Recorded data:
+--

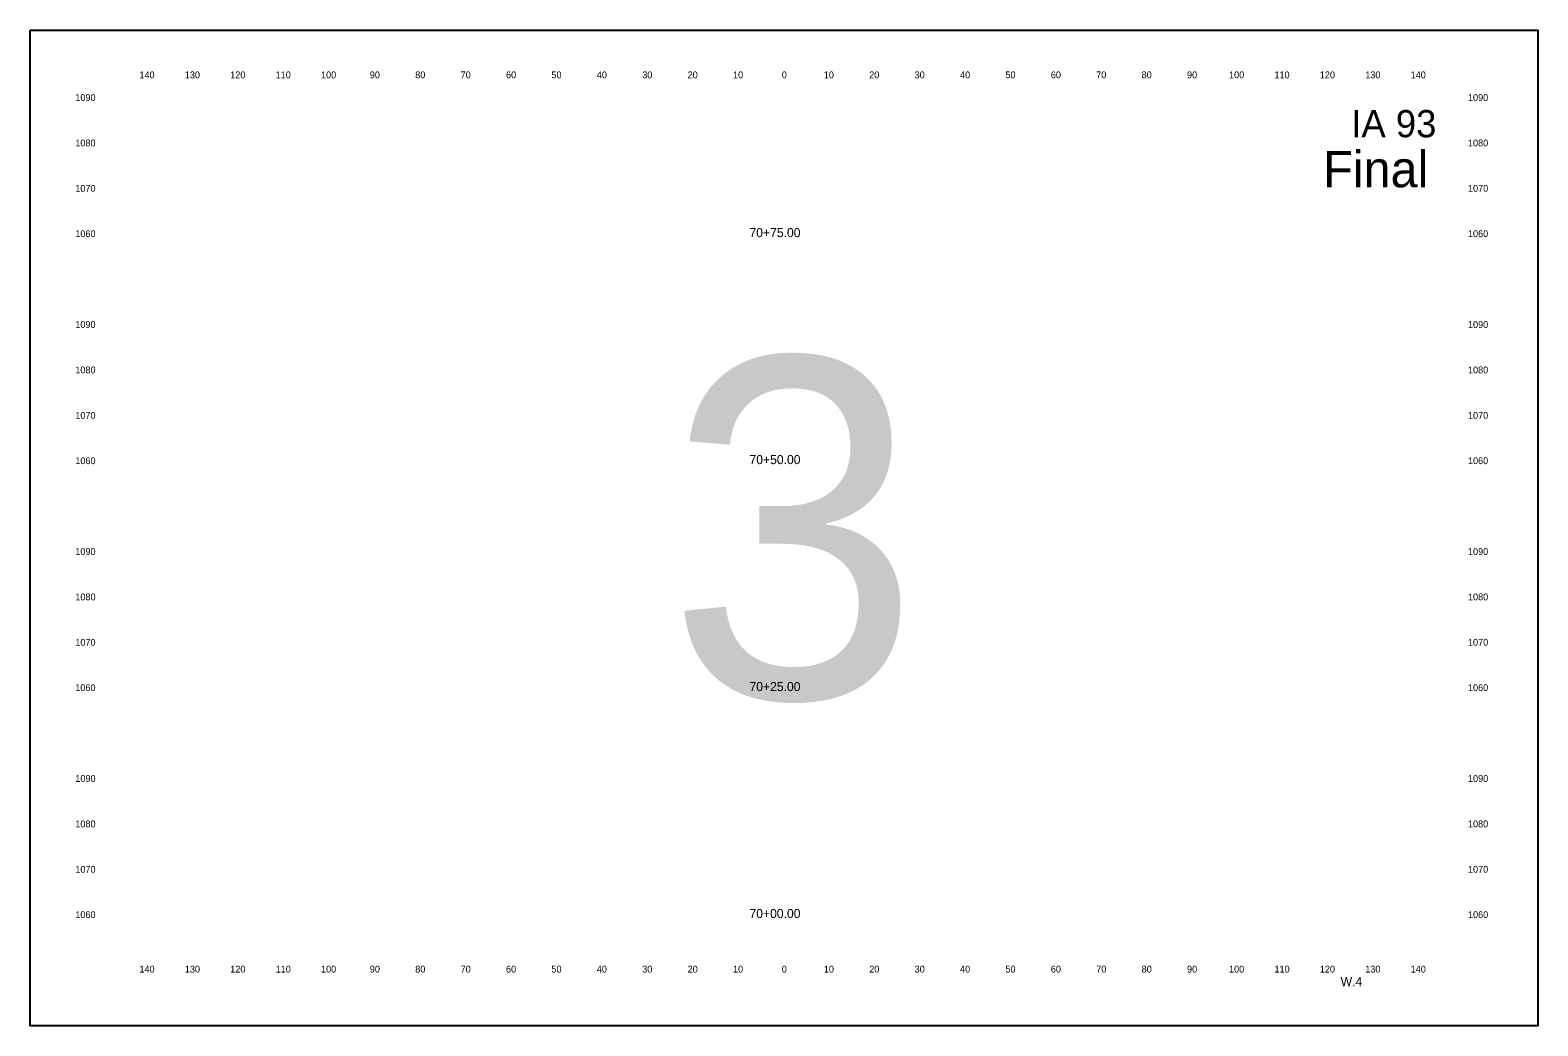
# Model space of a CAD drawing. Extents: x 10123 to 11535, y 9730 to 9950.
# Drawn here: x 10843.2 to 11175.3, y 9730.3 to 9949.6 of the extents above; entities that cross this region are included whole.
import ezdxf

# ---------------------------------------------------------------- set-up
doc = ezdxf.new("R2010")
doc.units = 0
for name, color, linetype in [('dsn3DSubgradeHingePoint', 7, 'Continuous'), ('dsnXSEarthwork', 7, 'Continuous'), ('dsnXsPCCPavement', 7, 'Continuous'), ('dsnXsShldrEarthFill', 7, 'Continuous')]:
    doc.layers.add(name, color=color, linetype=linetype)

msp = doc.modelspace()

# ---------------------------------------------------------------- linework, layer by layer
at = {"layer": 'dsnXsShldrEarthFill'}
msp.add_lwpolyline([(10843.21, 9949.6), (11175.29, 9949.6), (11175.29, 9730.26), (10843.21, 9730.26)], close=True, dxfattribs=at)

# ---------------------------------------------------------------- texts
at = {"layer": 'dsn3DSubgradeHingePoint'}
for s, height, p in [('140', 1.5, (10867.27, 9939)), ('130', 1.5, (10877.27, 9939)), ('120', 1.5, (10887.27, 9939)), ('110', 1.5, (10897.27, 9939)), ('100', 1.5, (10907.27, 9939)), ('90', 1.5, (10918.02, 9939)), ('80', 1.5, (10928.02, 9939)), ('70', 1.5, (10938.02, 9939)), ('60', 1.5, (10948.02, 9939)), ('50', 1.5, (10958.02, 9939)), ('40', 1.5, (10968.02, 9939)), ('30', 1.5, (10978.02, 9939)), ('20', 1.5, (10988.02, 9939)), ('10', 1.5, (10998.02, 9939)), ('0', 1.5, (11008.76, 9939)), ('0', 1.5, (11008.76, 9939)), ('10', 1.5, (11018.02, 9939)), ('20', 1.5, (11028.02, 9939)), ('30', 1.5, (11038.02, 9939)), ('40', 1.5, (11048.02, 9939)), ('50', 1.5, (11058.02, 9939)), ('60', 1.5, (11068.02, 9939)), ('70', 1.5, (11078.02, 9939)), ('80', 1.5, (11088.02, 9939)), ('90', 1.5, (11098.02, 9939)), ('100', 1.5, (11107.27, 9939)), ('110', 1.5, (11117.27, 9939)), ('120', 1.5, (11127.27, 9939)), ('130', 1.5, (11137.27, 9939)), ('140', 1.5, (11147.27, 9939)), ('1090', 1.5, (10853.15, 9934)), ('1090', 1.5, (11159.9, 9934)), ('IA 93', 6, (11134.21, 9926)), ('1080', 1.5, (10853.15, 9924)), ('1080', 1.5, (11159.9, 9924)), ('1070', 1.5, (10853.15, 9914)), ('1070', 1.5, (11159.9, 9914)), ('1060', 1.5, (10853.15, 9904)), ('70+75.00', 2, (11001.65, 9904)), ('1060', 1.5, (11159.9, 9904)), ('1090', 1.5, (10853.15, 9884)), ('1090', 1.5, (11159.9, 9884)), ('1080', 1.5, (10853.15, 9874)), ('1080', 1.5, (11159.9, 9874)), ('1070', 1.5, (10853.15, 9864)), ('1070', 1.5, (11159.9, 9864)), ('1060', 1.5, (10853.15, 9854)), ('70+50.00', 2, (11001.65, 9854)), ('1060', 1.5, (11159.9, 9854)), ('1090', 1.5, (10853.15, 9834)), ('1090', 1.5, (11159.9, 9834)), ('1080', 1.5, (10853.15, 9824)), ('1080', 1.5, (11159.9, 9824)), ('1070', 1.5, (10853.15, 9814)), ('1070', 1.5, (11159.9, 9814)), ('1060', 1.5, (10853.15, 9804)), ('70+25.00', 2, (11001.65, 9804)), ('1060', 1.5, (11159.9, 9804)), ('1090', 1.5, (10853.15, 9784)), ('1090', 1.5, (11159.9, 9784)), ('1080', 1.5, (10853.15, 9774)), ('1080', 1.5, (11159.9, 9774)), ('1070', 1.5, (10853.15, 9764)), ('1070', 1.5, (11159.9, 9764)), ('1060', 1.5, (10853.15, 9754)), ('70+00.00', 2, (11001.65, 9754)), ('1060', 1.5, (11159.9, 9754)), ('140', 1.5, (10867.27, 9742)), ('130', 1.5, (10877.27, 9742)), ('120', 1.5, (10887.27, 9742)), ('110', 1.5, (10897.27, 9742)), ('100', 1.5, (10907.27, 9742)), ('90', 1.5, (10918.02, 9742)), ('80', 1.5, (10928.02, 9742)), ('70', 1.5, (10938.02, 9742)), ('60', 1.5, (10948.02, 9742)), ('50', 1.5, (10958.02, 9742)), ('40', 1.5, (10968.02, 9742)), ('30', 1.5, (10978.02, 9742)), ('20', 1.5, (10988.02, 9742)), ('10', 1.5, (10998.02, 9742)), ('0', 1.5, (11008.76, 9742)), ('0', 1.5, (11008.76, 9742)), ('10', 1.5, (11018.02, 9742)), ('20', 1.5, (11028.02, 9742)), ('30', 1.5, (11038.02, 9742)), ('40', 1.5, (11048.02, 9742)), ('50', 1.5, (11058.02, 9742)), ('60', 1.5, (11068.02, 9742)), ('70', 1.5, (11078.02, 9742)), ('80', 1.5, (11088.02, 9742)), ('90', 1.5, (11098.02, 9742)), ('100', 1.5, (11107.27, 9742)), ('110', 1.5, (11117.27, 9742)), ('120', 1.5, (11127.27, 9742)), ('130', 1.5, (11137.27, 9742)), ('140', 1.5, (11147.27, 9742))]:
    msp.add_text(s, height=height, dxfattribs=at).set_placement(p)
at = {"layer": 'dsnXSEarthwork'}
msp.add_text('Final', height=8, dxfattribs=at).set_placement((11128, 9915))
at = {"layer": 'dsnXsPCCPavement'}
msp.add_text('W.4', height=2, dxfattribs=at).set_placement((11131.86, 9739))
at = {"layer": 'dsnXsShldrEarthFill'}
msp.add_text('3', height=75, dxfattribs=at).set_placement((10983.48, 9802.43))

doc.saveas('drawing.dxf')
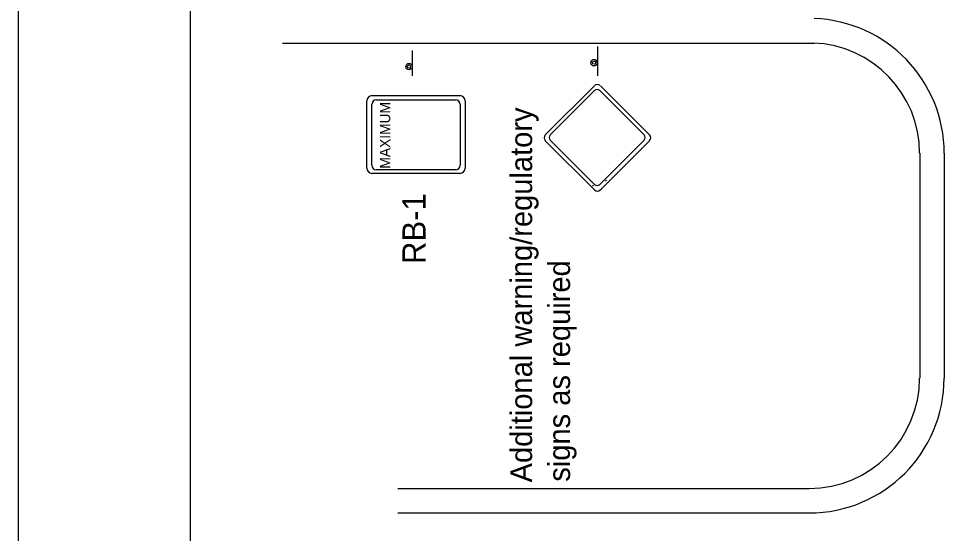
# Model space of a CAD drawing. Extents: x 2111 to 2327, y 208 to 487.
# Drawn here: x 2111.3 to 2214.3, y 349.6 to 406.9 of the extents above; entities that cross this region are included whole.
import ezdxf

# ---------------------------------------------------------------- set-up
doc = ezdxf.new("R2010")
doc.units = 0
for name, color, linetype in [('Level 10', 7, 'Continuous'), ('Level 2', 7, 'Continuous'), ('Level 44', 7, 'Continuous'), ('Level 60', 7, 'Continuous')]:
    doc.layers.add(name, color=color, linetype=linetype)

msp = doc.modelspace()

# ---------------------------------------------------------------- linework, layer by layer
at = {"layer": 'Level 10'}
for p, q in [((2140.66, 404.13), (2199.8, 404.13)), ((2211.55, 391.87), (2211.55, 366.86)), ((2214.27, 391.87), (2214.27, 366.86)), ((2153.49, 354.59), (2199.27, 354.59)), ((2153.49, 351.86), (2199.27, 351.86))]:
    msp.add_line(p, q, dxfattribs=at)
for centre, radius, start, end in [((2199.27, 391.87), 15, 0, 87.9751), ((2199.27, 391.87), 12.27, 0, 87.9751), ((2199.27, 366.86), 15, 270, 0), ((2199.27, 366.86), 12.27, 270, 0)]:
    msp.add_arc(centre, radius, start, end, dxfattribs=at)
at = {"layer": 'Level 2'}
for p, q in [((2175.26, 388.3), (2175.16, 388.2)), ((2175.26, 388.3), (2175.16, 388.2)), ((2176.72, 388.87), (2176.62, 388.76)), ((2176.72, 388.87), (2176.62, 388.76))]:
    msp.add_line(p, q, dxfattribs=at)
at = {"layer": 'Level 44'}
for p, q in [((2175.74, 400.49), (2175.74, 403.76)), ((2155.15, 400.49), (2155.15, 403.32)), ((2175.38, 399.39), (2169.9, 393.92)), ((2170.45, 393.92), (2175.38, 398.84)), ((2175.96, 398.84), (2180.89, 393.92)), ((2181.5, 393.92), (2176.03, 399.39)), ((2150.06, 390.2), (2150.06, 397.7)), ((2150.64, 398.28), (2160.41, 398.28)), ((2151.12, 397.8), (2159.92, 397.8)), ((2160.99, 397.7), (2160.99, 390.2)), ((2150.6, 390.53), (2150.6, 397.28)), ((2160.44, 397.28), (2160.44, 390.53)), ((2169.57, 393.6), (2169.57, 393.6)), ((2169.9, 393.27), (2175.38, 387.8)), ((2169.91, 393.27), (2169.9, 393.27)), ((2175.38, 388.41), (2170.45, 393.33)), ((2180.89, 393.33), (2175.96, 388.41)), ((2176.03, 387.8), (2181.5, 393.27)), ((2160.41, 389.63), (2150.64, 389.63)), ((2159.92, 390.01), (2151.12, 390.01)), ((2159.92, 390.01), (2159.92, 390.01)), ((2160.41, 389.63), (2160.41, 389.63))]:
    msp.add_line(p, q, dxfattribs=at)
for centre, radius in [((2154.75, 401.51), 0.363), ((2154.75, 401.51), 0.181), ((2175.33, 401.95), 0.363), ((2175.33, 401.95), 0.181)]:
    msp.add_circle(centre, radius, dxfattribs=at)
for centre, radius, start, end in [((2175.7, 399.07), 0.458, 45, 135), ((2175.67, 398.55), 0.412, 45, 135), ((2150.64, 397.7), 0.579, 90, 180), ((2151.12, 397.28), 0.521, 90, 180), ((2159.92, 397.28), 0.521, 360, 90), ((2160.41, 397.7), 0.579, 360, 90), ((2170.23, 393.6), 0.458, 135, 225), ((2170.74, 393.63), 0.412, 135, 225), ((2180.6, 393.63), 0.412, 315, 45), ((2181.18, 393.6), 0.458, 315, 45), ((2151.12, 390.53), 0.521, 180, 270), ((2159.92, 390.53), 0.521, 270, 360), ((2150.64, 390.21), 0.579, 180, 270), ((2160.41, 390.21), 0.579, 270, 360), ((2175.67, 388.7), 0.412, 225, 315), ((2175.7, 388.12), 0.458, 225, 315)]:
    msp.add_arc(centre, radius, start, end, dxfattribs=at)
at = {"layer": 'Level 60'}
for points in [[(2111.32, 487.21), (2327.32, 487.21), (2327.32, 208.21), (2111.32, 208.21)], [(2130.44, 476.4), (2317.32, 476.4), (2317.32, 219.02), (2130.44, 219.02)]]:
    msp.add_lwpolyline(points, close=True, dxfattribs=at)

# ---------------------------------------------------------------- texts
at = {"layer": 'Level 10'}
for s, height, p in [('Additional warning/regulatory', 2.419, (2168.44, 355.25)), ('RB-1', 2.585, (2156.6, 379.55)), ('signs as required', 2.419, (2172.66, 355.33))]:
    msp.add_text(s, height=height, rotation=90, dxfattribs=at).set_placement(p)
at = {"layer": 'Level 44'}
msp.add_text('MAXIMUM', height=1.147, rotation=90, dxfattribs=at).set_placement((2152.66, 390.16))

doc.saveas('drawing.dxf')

+--

Aim of the task: Among the entries, find every line holding "name" and return it.

Output of the exercise:
for name, color, linetype in [('dsn3DSubgradeHingePoint', 7, 'Continuous'), ('dsnXSEarthwork', 7, 'Continuous'), ('dsnXsPCCPavement', 7, 'Continuous'), ('dsnXsShldrEarthFill', 7, 'Continuous')]:
    doc.layers.add(name, color=color, linetype=linetype)
for name, color, linetype in [('Level 10', 7, 'Continuous'), ('Level 2', 7, 'Continuous'), ('Level 44', 7, 'Continuous'), ('Level 60', 7, 'Continuous')]:
    doc.layers.add(name, color=color, linetype=linetype)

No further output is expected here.